A simple script for finding differences in statistics for a particular set of genes and the background surrounding genes.
Input should be a tab delimited bed file with a header in the following format:
chr start stop class group STAT
X 100 500 mel AMP NA
Columns must be named as above, gene name is not required. If a stat is going to be resampled, its column name should be called with -v If a group column is present and multiple groups (e.g. species, populations) are found within the column, the script will iterate over each group seperately. class column should contain the classes you are planning on finding differences for. Any classes not defined under -c will be considered part of the background class.
for example, the test input provided:
group chr start end class snipre snipreb alpha dos
mel 3R 26042206 26042660 AMP -0.386202589 -1.156999555 -2 -0.25
mel 2R 10634867 10635720 AMP -0.243477792 -1.024424195 0 0
mel 2L 3539247 3548423 AMP 0.044868257 -1.545892965 0.75 0
mel 2R 14272072 14272416 AMP -0.225929233 -1.049411862 -0.5 -0.1
mel 2R 14272329 14273094 AMP -0.741004016 -0.932324151 -5.111111111 -0.285714286
mel 2R 14754896 14755400 AMP -0.18498487 -1.200699716 -0.5 -0.166666667
here is an example script for the provided test input, assuming that all 4 statistics (-v snipre,snipreb,alpha,dos) want to be resampled for AMPs and Antiviral RNAi (-c AMP,Antiviral RNAi) for 1000 bootstraps each (-b 1000). In this example, we'll only include background genes within 100kb of the focal gene (-w 100000), but won't care about size differences (-s not used)

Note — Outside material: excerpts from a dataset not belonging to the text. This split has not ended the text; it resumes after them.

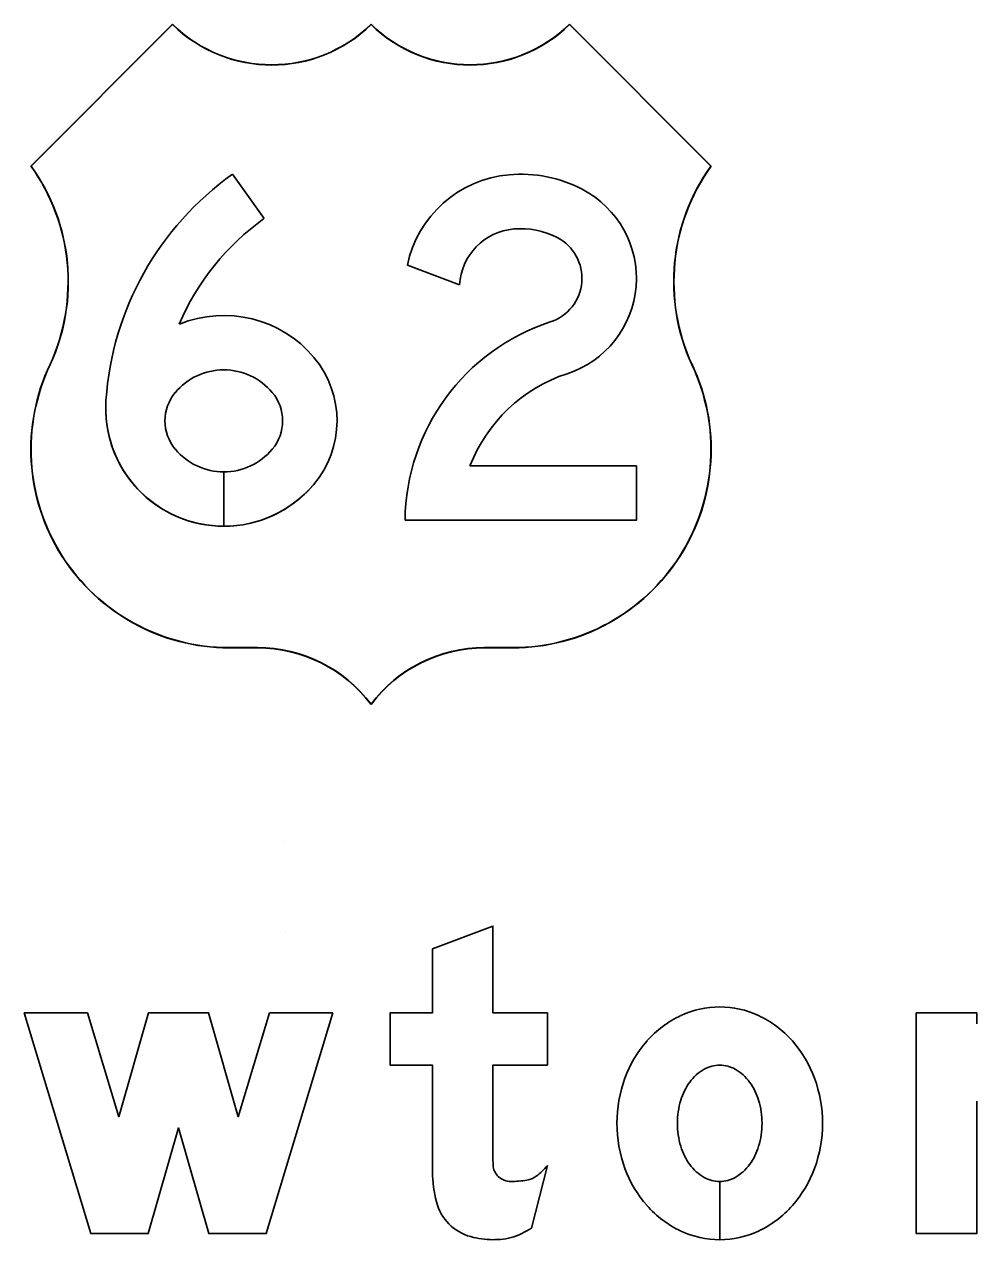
# Model space of a CAD drawing. Extents: x 2149961 to 2150220, y 145114 to 145240.
# Drawn here: x 2150038.12 to 2150042.32, y 145199.09 to 145204.45 of the extents above; entities that cross this region are included whole.
import ezdxf

# ---------------------------------------------------------------- set-up
doc = ezdxf.new("R2010")
doc.units = 0
for name, color, linetype in [('GSBWFILL', 7, 'Continuous'), ('GSCOLORFILL', 7, 'Continuous'), ('GSOUTLINE', 7, 'Continuous'), ('NON-PLOT', 7, 'Continuous')]:
    doc.layers.add(name, color=color, linetype=linetype)

msp = doc.modelspace()

# ---------------------------------------------------------------- linework, layer by layer
at = {"layer": 'GSBWFILL'}
for p, q in [((2150039.1731, 145203.5922), (2150039.0339, 145203.7877)), ((2150039.8054, 145203.3865), (2150040.0355, 145203.3001)), ((2150040.8151, 145202.5015), (2150040.0815, 145202.5015)), ((2150038.9958, 145202.4752), (2150038.9958, 145202.2352)), ((2150038.9958, 145202.2352), (2150038.9958, 145202.4752)), ((2150038.9958, 145202.4752), (2150038.9958, 145202.4752)), ((2150040.3525, 145199.1405), (2150040.4227, 145199.4165)), ((2150041.1827, 145199.3457), (2150041.1827, 145199.089)), ((2150041.1828, 145199.089), (2150041.1828, 145199.3457))]:
    msp.add_line(p, q, dxfattribs=at)
for points in [[(2150038.77, 145204.449), (2150038.145, 145203.824)], [(2150041.145, 145203.824), (2150040.52, 145204.449)], [(2150039.7951, 145202.2615), (2150040.8151, 145202.2615), (2150040.8151, 145202.5015)], [(2150039.02, 145201.699), (2150039.145, 145201.699)], [(2150040.145, 145201.699), (2150040.27, 145201.699)], [(2150040.1827, 145199.469), (2150040.1827, 145199.859), (2150040.4227, 145199.859), (2150040.4227, 145200.089), (2150040.1827, 145200.089), (2150040.1827, 145200.4723), (2150039.9161, 145200.3712), (2150039.9161, 145200.089), (2150039.7294, 145200.089), (2150039.7294, 145199.859), (2150039.9161, 145199.859), (2150039.9161, 145199.3884)], [(2150042.3161, 145200.0409), (2150042.3161, 145200.089), (2150042.0494, 145200.089), (2150042.0494, 145199.1157), (2150042.3161, 145199.1157), (2150042.3161, 145199.7005)]]:
    msp.add_lwpolyline(points, dxfattribs=at)
msp.add_lwpolyline([(2150039.4761, 145200.089), (2150039.1827, 145199.1157), (2150038.9294, 145199.1157), (2150038.7961, 145199.5823), (2150038.6627, 145199.1157), (2150038.4094, 145199.1157), (2150038.1161, 145200.089), (2150038.3946, 145200.089), (2150038.5326, 145199.631), (2150038.6635, 145200.089), (2150038.9286, 145200.089), (2150039.0595, 145199.631), (2150039.1975, 145200.089)], close=True, dxfattribs=at)
for centre, radius, start, end in [((2150039.2075, 145204.8953), 0.625, 225.573, 314.427), ((2150040.0825, 145204.8953), 0.625, 225.573, 270), ((2150040.0825, 145204.8953), 0.625, 270.0045, 314.427), ((2150037.4342, 145203.3138), 0.875, 335.3578, 35.6653), ((2150041.8559, 145203.3138), 0.875, 144.3347, 204.6422), ((2150039.02, 145202.574), 0.875, 154.6231, 270), ((2150040.27, 145202.574), 0.875, 270, 25.3769), ((2150039.145, 145201.074), 0.625, 36.8699, 90), ((2150040.145, 145201.074), 0.625, 90, 143.1301), ((2150041.208, 145199.6599), 0.4615, 115.1283, 138.5517), ((2150041.1827, 145199.7139), 0.4018, 90, 115.1283), ((2150041.1827, 145199.7139), 0.4018, 64.8717, 90), ((2150041.1574, 145199.6599), 0.4615, 41.4483, 64.8717), ((2150041.2475, 145199.625), 0.5141, 138.5517, 159.9075), ((2150041.1179, 145199.625), 0.5141, 20.0925, 41.4483), ((2150041.2153, 145199.6641), 0.2035, 119.6634, 143.9726), ((2150041.1827, 145199.7213), 0.1377, 90, 119.6634), ((2150041.1827, 145199.7213), 0.1377, 60.3366, 90), ((2150041.1501, 145199.6641), 0.2035, 36.0274, 60.3366), ((2150041.3095, 145199.6023), 0.5801, 159.9075, 180), ((2150041.2667, 145199.6268), 0.267, 143.9726, 163.2353), ((2150041.0988, 145199.6268), 0.267, 16.7647, 36.0274), ((2150041.056, 145199.6023), 0.5801, 0, 20.0925), ((2150041.3478, 145199.6023), 0.3517, 163.2353, 180), ((2150041.0177, 145199.6023), 0.3517, 0, 16.7647), ((2150041.3095, 145199.6023), 0.5801, 180, 200.0925), ((2150041.3478, 145199.6023), 0.3517, 180, 196.7647), ((2150041.0177, 145199.6023), 0.3517, 343.2353, 0), ((2150041.056, 145199.6023), 0.5801, 339.9075, 0), ((2150041.2667, 145199.5779), 0.267, 196.7647, 216.0274), ((2150041.0988, 145199.5779), 0.267, 323.9726, 343.2353), ((2150041.2475, 145199.5797), 0.5141, 200.0925, 221.4483), ((2150041.2153, 145199.5405), 0.2035, 216.0274, 240.3366), ((2150041.1501, 145199.5405), 0.2035, 299.6634, 323.9726), ((2150041.1179, 145199.5797), 0.5141, 318.5517, 339.9075), ((2150041.1827, 145199.4833), 0.1377, 240.3366, 270), ((2150041.1827, 145199.4833), 0.1377, 270.0277, 299.6634), ((2150041.208, 145199.5448), 0.4615, 221.4483, 244.8717), ((2150041.1574, 145199.5448), 0.4615, 295.1283, 318.5517), ((2150041.1827, 145199.4908), 0.4018, 244.8717, 270), ((2150041.1827, 145199.4908), 0.4018, 270.0095, 295.1283)]:
    msp.add_arc(centre, radius, start, end, dxfattribs=at)
for centre, major_axis, ratio, start_param, end_param in [((2150039.8082, 145202.7002), (0, 1.335), 0.999999, 0.618745, 1.503087), ((2150040.2976, 145203.2849), (0, 0.5025), 0.999999, 0.087066, 1.367251), ((2150040.3051, 145203.199), (0, 0.5887), 0.999999, 5.803457, 6.370252), ((2150040.3726, 145203.3287), (0, 0.4425), 0.999999, 3.458123, 5.803457), ((2150039.8082, 145202.7002), (0, 1.095), 0.999999, 0.618745, 1.170681), ((2150040.2976, 145203.2849), (0, 0.2625), 0.999999, 0.087066, 1.512721), ((2150040.3051, 145203.199), (0, 0.3487), 0.999999, 5.803457, 6.370252), ((2150040.3726, 145203.3287), (0, 0.2025), 0.999999, 3.458109, 5.803457), ((2150038.9958, 145202.6463), (0, 0.5189), 0.999999, 5.410135, 6.670669), ((2150040.7251, 145202.2524), (0, 0.9301), 0.999999, 0.316557, 1.561011), ((2150039.0601, 145202.7002), (0, 0.435), 0.999999, 4.007952, 5.410135), ((2150038.9958, 145202.6463), (0, 0.2789), 0.999999, 5.410135, 7.156235), ((2150040.7251, 145202.2524), (0, 0.6901), 0.999999, 0.316562, 1.201505), ((2150038.9315, 145202.7002), (0, 0.195), 0.999999, 0.87305, 2.268543), ((2150039.0601, 145202.7002), (0, 0.195), 0.999999, 4.014643, 5.410135), ((2150038.9952, 145202.7554), (0, 0.5201), 0.999999, 1.503087, 3.14268), ((2150038.9958, 145202.7541), (0, 0.2789), 0.999999, 2.268543, 3.141593), ((2150038.9958, 145202.7541), (0, 0.2789), 0.999999, 3.141862, 4.014643), ((2150038.9952, 145202.7554), (0, 0.5201), 0.999999, 3.142824, 4.007952), ((2150041.852, 145199.469), (0, 1.6693), 0.99999, 1.570796, 1.606005), ((2150040.4335, 145199.3884), (0, 0.5174), 0.99999, 1.570796, 1.830698), ((2150040.2593, 145199.4232), (0, 0.0767), 0.99999, 1.74085, 2.407828), ((2150040.2472, 145199.5474), (0, 0.2189), 0.99999, 3.756278, 4.071638), ((2150040.2617, 145199.4259), (0, 0.0803), 0.99999, 2.407828, 3.141593), ((2150040.2617, 145199.7667), (0, 0.4211), 0.99999, 3.141593, 3.310762), ((2150040.3158, 145199.4502), (0, 0.1), 0.99999, 3.310762, 3.756278), ((2150040.1428, 145199.3111), (0, 0.2167), 0.99999, 1.830698, 2.869526), ((2150040.1741, 145199.4028), (0, 0.3172), 0.99999, 3.427755, 3.738844), ((2150040.1827, 145199.4541), (0, 0.3651), 0.99999, 2.869526, 3.141593), ((2150040.1827, 145199.6149), (0, 0.5258), 0.99999, 3.141593, 3.205734), ((2150040.2025, 145199.3063), (0, 0.2167), 0.99999, 3.205734, 3.427755)]:
    msp.add_ellipse(centre, major_axis=major_axis, ratio=ratio, start_param=start_param, end_param=end_param, dxfattribs=at)
at = {"layer": 'GSCOLORFILL'}
for p, q in [((2150039.1731, 145203.5922), (2150039.0339, 145203.7877)), ((2150039.8054, 145203.3865), (2150040.0355, 145203.3001)), ((2150040.8151, 145202.5015), (2150040.0815, 145202.5015)), ((2150038.9958, 145202.4752), (2150038.9958, 145202.2352)), ((2150038.9958, 145202.2352), (2150038.9958, 145202.4752)), ((2150038.9958, 145202.4752), (2150038.9958, 145202.4752)), ((2150040.3525, 145199.1405), (2150040.4227, 145199.4165)), ((2150041.1827, 145199.3457), (2150041.1827, 145199.089)), ((2150041.1828, 145199.089), (2150041.1828, 145199.3457))]:
    msp.add_line(p, q, dxfattribs=at)
for points in [[(2150038.77, 145204.449), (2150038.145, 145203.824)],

python resimpler.py -b 1000 -i test_input.txt -o test_output.txt -v snipre,snipreb,alpha,dos -c AMP,Antiviral RNAi
Gives the following output:
group class rep snipre snipreb alpha dos
mel AMP 0 -0.2352687808888889 0.7204883728888889 -0.938230933 0.10225491233333332
mel AMP 1 -0.3494176825555555 0.979108613111111 -0.19754234700000012 0.08438851266666667
mel AMP 2 -0.13725086766666664 0.3217980618888889 -0.023144964555555654 0.059921065111111095
mel AMP 3 -0.2591489235555555 0.41454101455555553 -1.0316762664444445 0.02733241666666665
mel AMP 4 0.02467841322222221 0.4750443162222222 -0.2696062705555555 0.09886944844444442
More statistics can be assessed by increasing the list, or including a text file with columns that should be resampled over. Classes of genes can also be included as a text file.